*** Material provided Section Begins ***
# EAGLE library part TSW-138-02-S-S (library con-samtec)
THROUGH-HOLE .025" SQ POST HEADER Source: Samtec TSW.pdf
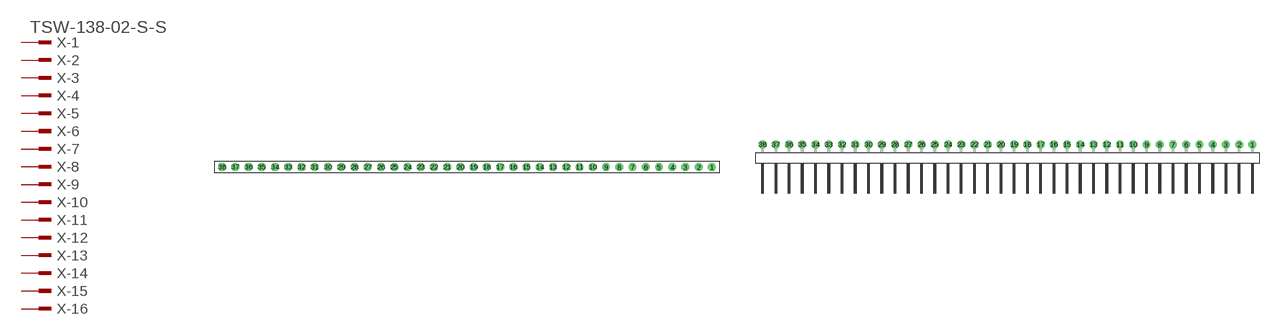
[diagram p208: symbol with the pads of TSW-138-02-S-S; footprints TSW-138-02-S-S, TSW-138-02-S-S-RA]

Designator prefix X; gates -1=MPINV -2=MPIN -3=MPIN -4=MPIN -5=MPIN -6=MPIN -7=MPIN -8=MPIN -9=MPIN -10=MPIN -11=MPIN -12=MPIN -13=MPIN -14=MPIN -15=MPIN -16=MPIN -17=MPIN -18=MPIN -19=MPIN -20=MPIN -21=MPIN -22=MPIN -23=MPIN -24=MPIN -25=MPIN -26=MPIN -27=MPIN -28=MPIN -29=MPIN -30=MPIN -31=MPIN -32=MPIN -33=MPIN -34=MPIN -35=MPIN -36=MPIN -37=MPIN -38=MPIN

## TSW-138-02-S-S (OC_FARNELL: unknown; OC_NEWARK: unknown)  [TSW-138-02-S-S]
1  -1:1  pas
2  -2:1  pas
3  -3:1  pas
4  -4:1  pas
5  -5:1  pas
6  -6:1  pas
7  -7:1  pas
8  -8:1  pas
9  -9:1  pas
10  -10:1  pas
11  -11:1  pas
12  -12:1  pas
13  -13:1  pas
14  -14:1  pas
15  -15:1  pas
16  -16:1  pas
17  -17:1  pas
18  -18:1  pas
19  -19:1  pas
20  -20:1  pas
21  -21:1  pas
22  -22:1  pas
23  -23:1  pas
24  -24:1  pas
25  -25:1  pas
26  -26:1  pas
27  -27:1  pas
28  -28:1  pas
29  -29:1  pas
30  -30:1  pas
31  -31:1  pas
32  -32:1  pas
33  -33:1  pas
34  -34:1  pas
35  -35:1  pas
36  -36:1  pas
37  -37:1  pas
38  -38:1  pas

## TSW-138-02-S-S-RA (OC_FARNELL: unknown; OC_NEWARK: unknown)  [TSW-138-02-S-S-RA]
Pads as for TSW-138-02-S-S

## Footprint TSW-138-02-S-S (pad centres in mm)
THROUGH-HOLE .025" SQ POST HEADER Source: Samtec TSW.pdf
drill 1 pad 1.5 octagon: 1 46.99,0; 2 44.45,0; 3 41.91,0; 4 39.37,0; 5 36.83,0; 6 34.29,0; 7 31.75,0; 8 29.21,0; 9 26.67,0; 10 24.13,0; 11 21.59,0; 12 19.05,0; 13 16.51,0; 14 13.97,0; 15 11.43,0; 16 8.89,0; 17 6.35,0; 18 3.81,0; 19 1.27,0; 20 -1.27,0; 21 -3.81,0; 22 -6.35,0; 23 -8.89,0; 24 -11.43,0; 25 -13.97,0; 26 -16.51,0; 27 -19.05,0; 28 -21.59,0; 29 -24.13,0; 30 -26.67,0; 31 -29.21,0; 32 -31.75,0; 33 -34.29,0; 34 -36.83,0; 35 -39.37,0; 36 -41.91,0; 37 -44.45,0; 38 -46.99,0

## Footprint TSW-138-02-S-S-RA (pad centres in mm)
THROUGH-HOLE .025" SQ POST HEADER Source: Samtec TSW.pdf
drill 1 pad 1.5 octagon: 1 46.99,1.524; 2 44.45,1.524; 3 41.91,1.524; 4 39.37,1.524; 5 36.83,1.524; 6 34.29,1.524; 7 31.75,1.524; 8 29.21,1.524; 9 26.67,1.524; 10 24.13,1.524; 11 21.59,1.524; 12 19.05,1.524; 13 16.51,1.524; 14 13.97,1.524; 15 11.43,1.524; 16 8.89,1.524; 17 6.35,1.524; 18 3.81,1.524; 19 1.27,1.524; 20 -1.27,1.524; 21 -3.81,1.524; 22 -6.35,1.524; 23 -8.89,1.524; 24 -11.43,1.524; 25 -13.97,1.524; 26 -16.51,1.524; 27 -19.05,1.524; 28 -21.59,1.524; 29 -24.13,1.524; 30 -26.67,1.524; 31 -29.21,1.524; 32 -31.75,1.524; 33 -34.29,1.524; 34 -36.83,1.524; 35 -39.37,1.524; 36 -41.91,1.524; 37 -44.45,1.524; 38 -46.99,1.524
*** Material provided Section Ends ***
Task goal =
Starting with the first line of the data above and ending with the line containing "[diagram p208: symbol", please restate every line exactly, leaving images out.

Solution to the exercise =
# EAGLE library part TSW-138-02-S-S (library con-samtec)
THROUGH-HOLE .025" SQ POST HEADER Source: Samtec TSW.pdf
[diagram p208: symbol with the pads of TSW-138-02-S-S; footprints TSW-138-02-S-S, TSW-138-02-S-S-RA]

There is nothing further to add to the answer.